When the Obama Administration announced new DHS enforcement policies last year, undocumented immigrants with deep roots in the U.S. should have felt some ease.
In that memo, the government stated that officials should “exercise discretion based on individual circumstances,” and consider whether the individual presents a threat to “national security, border security, or public safety“ before carrying out a deportation.
In simpler terms, the government must look at both the good and bad when making decisions about who should go and who should stay. But a closer look reveals there’s a deep disconnect between this memo and reality for many undocumented immigrants.
Adam Crapser knows this first-hand. Yesterday, the New York Times profiled this dad of three U.S. citizens (with another soon on the way). Adam has a deportation hearing this week and faces expulsion to South Korea, a country he hasn’t stepped foot in for over 35 years.
Adam was adopted from South Korea at the age of three. Under law, children adopted by U.S. citizens can become citizens, but the couple who adopted him neglected to file the paperwork. Over a matter of a few years, Adam was shuffled from abusive home to abusive home, including one where his guardians were later charged with “dozens of counts of child abuse, including rape, sexual abuse and criminal mistreatment.”
It’s no surprise that by the time Adam reached young adulthood, he’d already served time in prison.
In recent years, Adam had been attempting to make amends with his past, becoming a full-time dad, getting married, and desiring to finally become a U.S. citizen. But by filing his paperwork, he triggered a DHS background check that turned up his past convictions and now has him facing permanent separation from his family.
It’s a Kafkaesque episode: Crapser’s various crimes may have warranted the punishments he received, but deportation to a country in which he had barely lived? In fact, Crapser has company. No one knows exactly how many international adoptees in the United States don’t have U.S. citizenship; in some cases, adoptees don’t find out themselves until they apply for federal student loans, try to get a passport or register to vote. But at least three dozen other international adoptees have also faced deportation charges or have been deported to countries like Thailand, Brazil and South Korea.
Whoever is at fault in any individual case, it is hard to imagine a more bizarre and cruel twist for adoptees who grew up in the United States. Deportation back to their birth countries goes against the story that children are often told after they are adopted, that they are living in “forever homes” with “forever families.” Many adoptees, especially of the earlier generations left out of the 2000 law, were encouraged to assimilate, to become “American” and leave their birth country behind. As Maureen McCauley Evans, a former executive director of the Joint Council on International Children’s Services, a nonprofit group that promotes adoption and other children’s issues, says: “It undermines the integrity of the adoptive family.

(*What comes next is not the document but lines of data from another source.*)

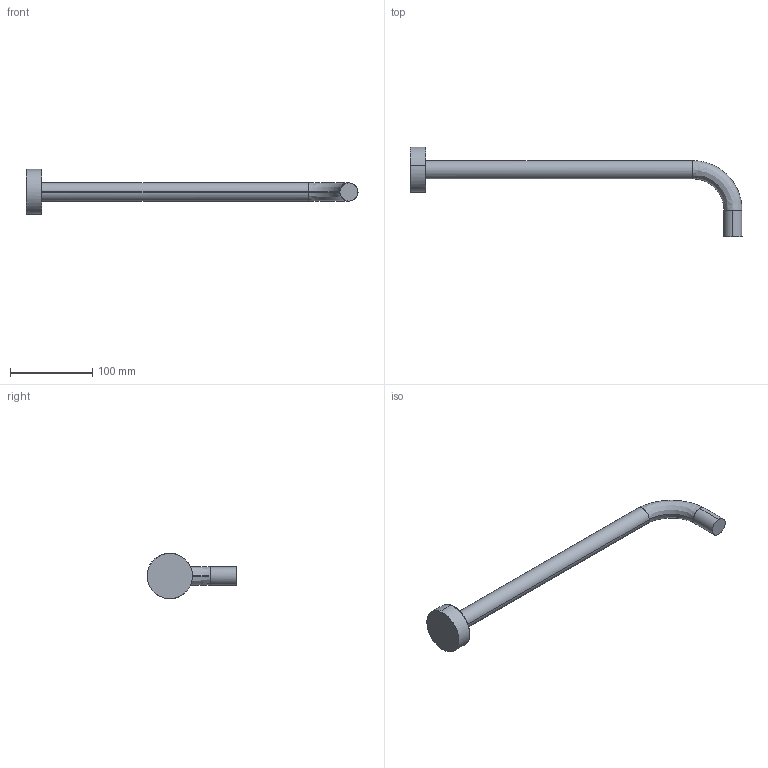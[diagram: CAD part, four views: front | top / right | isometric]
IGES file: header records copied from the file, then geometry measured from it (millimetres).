
Start section: 3D InterOp IGES (Version 21 0 1), Spatial Corp. Copyright (c) 1999-2007.
Global section: file name: b9445_3dpl.igs; native system: Spatial Corp.; preprocessor: 3D InterOp ACIS/IGES; author: Desislav Totev; organization: Ideal Standard International; date: 20110829.104723; units: millimetre
Bounding box: 403 x 109.01 x 55.02 mm (x, y, z)
Surface area: 37958 mm2 (no closed solid volume)
Topology: 0 solids, 0 shells, 15 faces, 251 edges, 250 vertices
Faces by surface type: bspline 15

These adoptees are genuinely family members, and then we have the government saying, ‘No, they are not.’”
When I spoke with Crapser, he was awaiting his first deportation hearing, scheduled for this week on what happens to be his 40th birthday. “As I tell my kids, you have to pay the price for your wrongs,” he said. “I’ve done that. I’ve done my time and probation and followed the rules.”
Andrew Muñoz, a spokesman for ICE, says that although Crapser’s criminal history makes him potentially deportable, “ICE was not aware of Mr. Crapser’s childhood history” when it made the decision to pursue his case and would take it into consideration. Meanwhile, Korean adoptee groups, both in Seoul and the United States, as well as other activist organizations, including Vollmers’s, have been lobbying local lawmakers on Crapser’s behalf. They and other advocates are also pushing Congress to finally write an amendment to rectify the grandfathering lapse in the Child Citizenship Act; to both put an end to the deportations and to make all adoptees, regardless of their age, U.S. citizens.
Adam’s tale harkens to the recent story of Max Villatoro, an Iowa pastor. Though a dad of four U.S. citizens and a beloved faith leader in his community, the government considered Pastor Max a priority for removal due to convictions from 20 years prior. Pastor Max was in no way a threat to national security and fit within the government’s new guidelines, and his legal counsel and hundreds of his Iowa City neighbors attested to it. Additionally, over 40,000 signed their names in support of Pastor Max following a national campaign.
But that was not enough to convince the Obama Administration, and Pastor Max was deported to Honduras during the early morning Friday hours. His deportation came just hours after ICE Director Sarah Saldaña had testified at a House hearing on immigration where she stressed, as Pastor Max’s attorney David Leopold wrote in Latino Rebels, “that ICE always takes into account the severity of the person’s crime, his or her work history, family ties and length of time in the U.S. Really? Tell that to Pastor Max’s wife, his four children, his church and his community.”
As Maribel Hastings wrote last month, “the goal of these memoranda was to prioritize detention and deportations of those who really pose a threat to national security and our communities.” But in reality, with immigrants like Pastor Max and Adam still first in line to be expelled from the country, it’s clear there is a divide between the memo and the enforcers on the ground.
ICE immigration officials may not have been aware of Adam’s childhood history before the NYT profile, but they should be now. Yet this father still has a deportation hearing scheduled for this week. It begs an even bigger question for the government: where is the common sense?